Historian, Composer, Pianist, Speaker, Author

Dr. Bob Prescribes – Page 15

Dr. Bob Prescribes Wolfgang Mozart: La Clemenza di Tito

Deadlines! On July 8, 1791, Domenico Guardasoni (circa 1731-1806), the newly hired superintendent of the Estates Opera in Prague, was charged with producing an opera on criminally short notice. The Holy Roman Emperor Leopold II (Peter Leopold Joseph Anton Joachim Pius Gotthard; 1747-1792, the brother of the recently deceased Emperor Joseph II) was about to be crowned King of Bohemia, and the Bohemian Estates (the governing body of Bohemia) wanted to create and produce an opera in celebration of the coronation.

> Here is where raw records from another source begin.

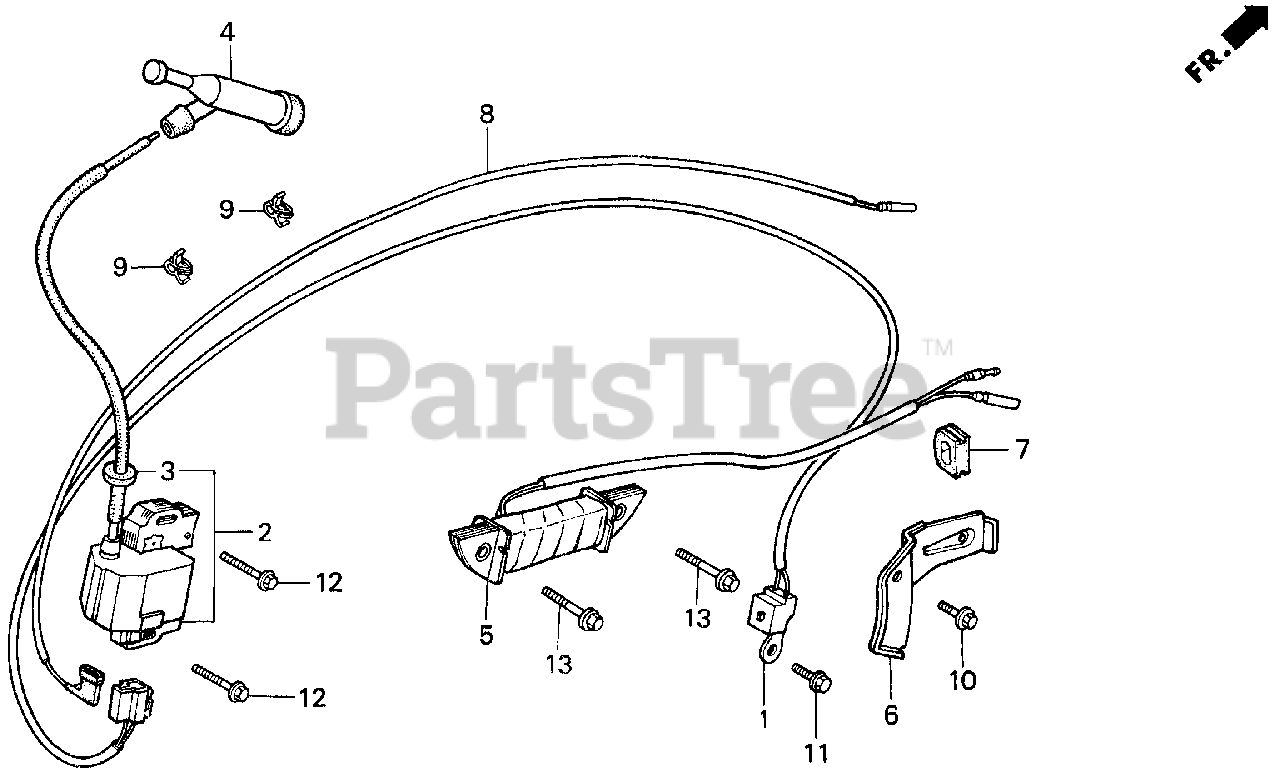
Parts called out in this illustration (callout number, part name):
2	COIL ASSY., IGNITION
4	CAP ASSY., NOISE SUPPRESSOR
4	CAP ASSY., NOISE SUPPRESSOR (NGK Y-EZDB)
5	COIL ASSY., LAMP (12V/15W)
6	CLAMP, WIRE
7	GROMMET, WIRE
8	WIRE, STOP SWITCH (470MM)
9	HOLDER, STOP SWITCH WIRE
10	BOLT, FLANGE (6X12) (CT200)
12	BOLT, FLANGE (6X28)
13	BOLT, FLANGE (6X32)
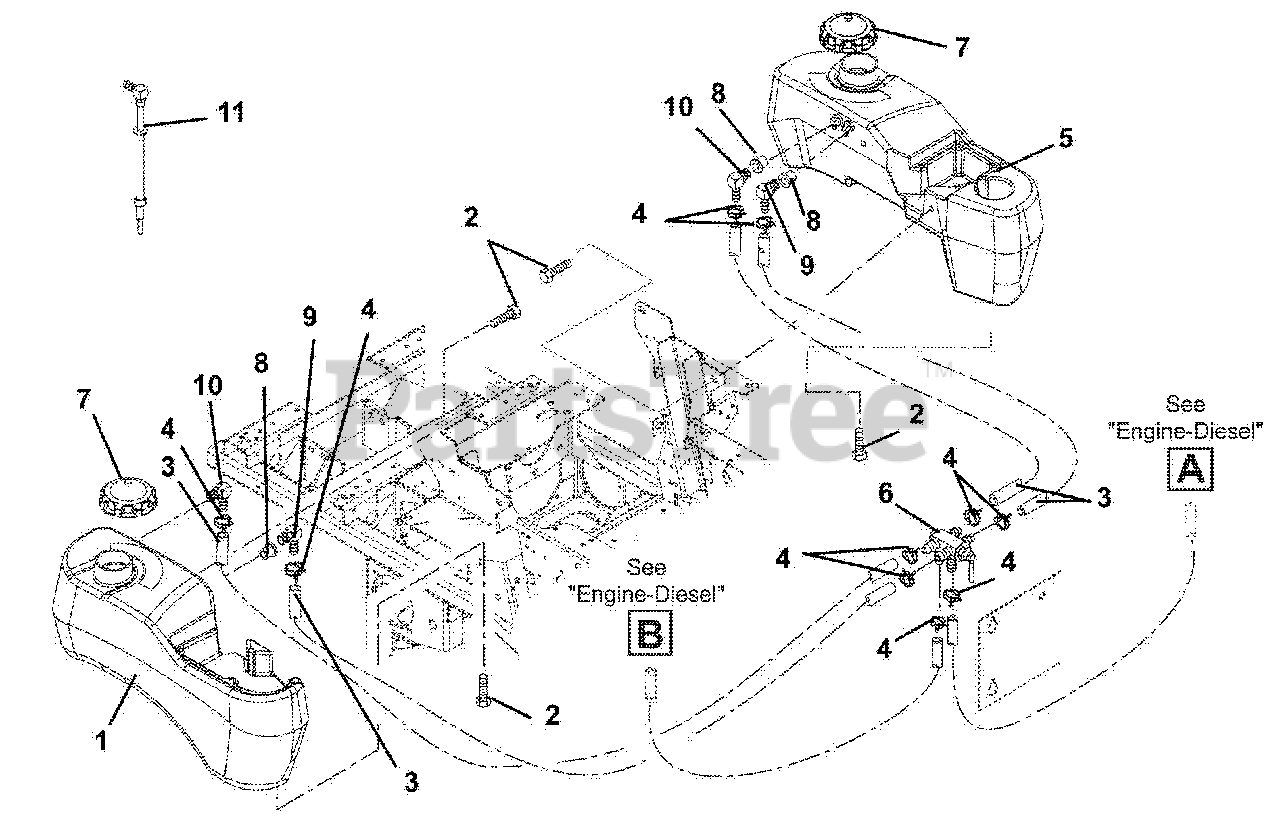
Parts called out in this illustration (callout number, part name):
1	Tank, Fuel-Right Hand
2	Bolt, SEMS .31-18 x .62
3	Hose, .31 ID
4	Clamp, Hose Wire .52/.55
5	Tank, Left Hand Fuel
6	Valve, Fuel
7	Cap, Fuel
8	Grommet, Orange
9	Fitting, Tank
10	Fitting, Tank
11	26" Fuel Line Kit, Diesel (Inside Tank

The opera was to be performed on the day of the coronation, which was scheduled to take place in Prague on September 6, 1791. Superintendent Guardasoni had exactly 2 months to find and hire a librettist and a composer; see the libretto written and the opera composed; hire the singers; build the sets: make the costumes; stage and rehearse the opera; and then perform it for the newly crowned King of Bohemia (who was also the Holy-freaking-Roman Emperor). Two months. The contract Guardasoni signed with the Bohemian Estates indicated that he would “engage a castrato of leading quality” and that he would “have the libretto caused to be written and to be set to music by ‘un celebre maestro’”, […]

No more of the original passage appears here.